# Question about Compound Interest Formula

• B
Gold Member

## Main Question or Discussion Point

If I have an investment, that is compounded at some rate $r$, $n$ times per year, it can be written as a function as such:

$$A(t)=P\left(1+\frac{r}{n}\right)^{nt}$$

My question is in regards to the 1 here. I think I have a general idea of what it's for, but I can't really put it into correct words.
What it seems to be doing, is keeping the new compounded value above $P$. Where if the 1 wasn't there, we would be getting a value less than $P$. But this seems wishy washy and I'd like to put it into more definitive terms so that I can understand it better.
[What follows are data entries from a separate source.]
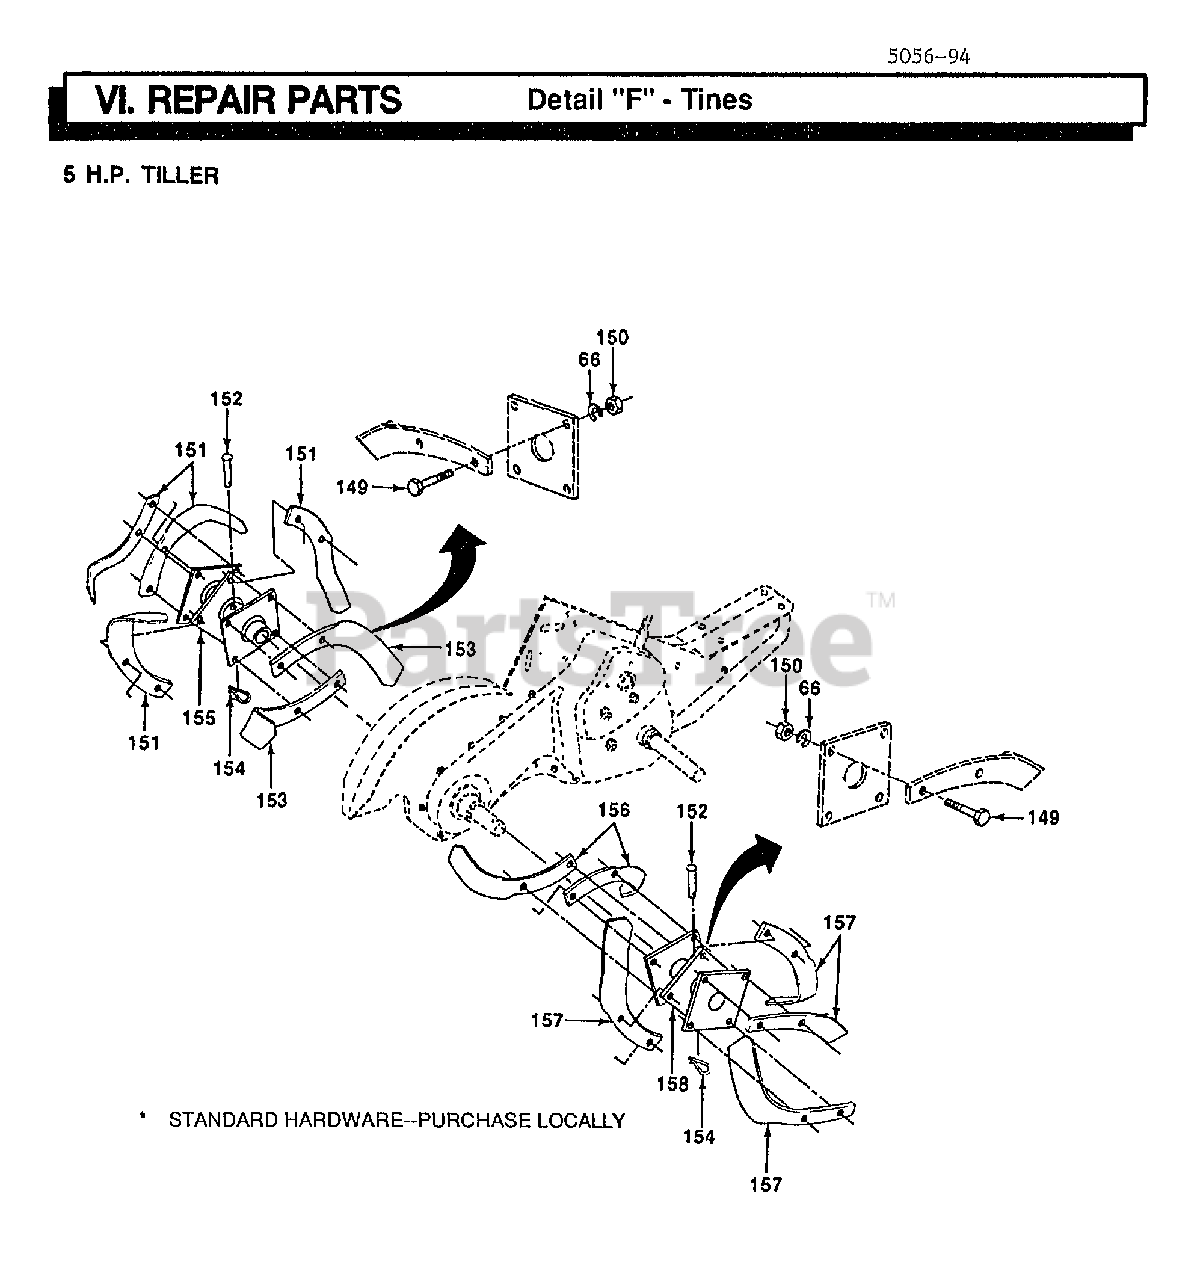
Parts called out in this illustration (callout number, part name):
66	LOCKWASHER
149	BOLT
152	RIVET.PAN HD.1.75
153	"TINE.LH.12"""
154	RETAINER.SPRING
155	TINE ASSY LH CRT
156	"TINE.RH.12"""
158	TINE ASSY RH CRT

Can anyone help me out with this?

jedishrfu
Mentor
If the compounding rate was say 4% per year compounded once per year then the expression would be 1.04 or 104%

Given a hundred dollar loan then with the 104% means after one year we’d need to pay back 104 dollars.

Gold Member
And under the same circumstances, and removing the 1 from inside the parentheses, that would be just $4. And when we do have the one inside the parentheses, we are adding that$4 to the initial principal investment?

BWV
Think about it in reverse. So in academic finance you often talk about capital R returns which is A(t+n) / A(t) so the R in the example above is 1.04. Lower case r is then used for the cumulative rate of return which is R-1.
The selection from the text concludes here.